◆ THE TASK
Return the lines below that contain the word "drawing".

Stored items from a collection
Content starts

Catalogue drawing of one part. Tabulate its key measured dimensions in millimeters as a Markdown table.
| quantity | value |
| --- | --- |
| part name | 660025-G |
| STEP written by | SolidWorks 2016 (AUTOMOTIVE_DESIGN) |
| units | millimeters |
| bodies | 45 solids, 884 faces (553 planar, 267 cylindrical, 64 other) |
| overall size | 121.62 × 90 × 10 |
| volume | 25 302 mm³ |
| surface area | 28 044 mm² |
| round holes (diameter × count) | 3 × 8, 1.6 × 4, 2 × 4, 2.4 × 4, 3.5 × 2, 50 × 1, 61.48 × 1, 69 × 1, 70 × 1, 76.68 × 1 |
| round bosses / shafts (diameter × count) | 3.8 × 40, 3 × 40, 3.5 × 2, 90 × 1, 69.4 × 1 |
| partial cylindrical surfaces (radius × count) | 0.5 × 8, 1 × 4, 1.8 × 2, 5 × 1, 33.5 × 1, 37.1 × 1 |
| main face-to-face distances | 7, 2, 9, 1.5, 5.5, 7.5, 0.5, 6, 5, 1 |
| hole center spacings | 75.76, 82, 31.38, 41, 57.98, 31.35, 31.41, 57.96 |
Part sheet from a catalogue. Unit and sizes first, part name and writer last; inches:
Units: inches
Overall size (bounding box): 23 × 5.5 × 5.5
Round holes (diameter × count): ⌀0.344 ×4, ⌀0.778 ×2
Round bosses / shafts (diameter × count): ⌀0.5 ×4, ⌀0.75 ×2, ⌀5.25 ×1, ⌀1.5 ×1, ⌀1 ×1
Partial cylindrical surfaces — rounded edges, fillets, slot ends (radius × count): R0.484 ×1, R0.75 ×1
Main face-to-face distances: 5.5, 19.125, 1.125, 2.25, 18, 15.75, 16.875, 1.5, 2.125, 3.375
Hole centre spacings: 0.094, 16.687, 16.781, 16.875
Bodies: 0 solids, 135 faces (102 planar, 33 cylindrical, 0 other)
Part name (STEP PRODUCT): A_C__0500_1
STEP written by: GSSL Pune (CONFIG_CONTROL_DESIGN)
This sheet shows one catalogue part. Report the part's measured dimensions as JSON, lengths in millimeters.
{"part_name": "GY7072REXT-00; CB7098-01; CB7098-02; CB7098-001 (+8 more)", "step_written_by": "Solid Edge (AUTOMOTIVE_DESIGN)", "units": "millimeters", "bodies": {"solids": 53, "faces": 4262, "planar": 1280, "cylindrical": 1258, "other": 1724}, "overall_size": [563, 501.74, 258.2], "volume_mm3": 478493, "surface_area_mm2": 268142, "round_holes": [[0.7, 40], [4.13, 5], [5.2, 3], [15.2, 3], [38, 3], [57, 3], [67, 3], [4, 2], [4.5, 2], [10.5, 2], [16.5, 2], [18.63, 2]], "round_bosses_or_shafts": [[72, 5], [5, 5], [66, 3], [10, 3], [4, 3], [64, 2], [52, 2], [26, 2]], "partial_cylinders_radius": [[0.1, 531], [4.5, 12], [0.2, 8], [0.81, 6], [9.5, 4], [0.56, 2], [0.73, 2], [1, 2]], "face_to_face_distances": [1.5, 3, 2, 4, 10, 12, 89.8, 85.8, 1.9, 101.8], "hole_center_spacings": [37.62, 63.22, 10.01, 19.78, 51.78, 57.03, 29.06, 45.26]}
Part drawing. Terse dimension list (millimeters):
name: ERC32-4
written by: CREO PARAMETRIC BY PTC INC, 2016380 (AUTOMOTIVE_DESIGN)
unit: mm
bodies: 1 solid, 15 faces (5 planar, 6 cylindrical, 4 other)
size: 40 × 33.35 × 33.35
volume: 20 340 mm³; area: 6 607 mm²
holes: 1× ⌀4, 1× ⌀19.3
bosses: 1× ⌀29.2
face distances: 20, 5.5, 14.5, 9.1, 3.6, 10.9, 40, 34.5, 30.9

Content ends

◆ EXERCISE ANSWER
Catalogue drawing of one part. Tabulate its key measured dimensions in millimeters as a Markdown table.
Part drawing. Terse dimension list (millimeters):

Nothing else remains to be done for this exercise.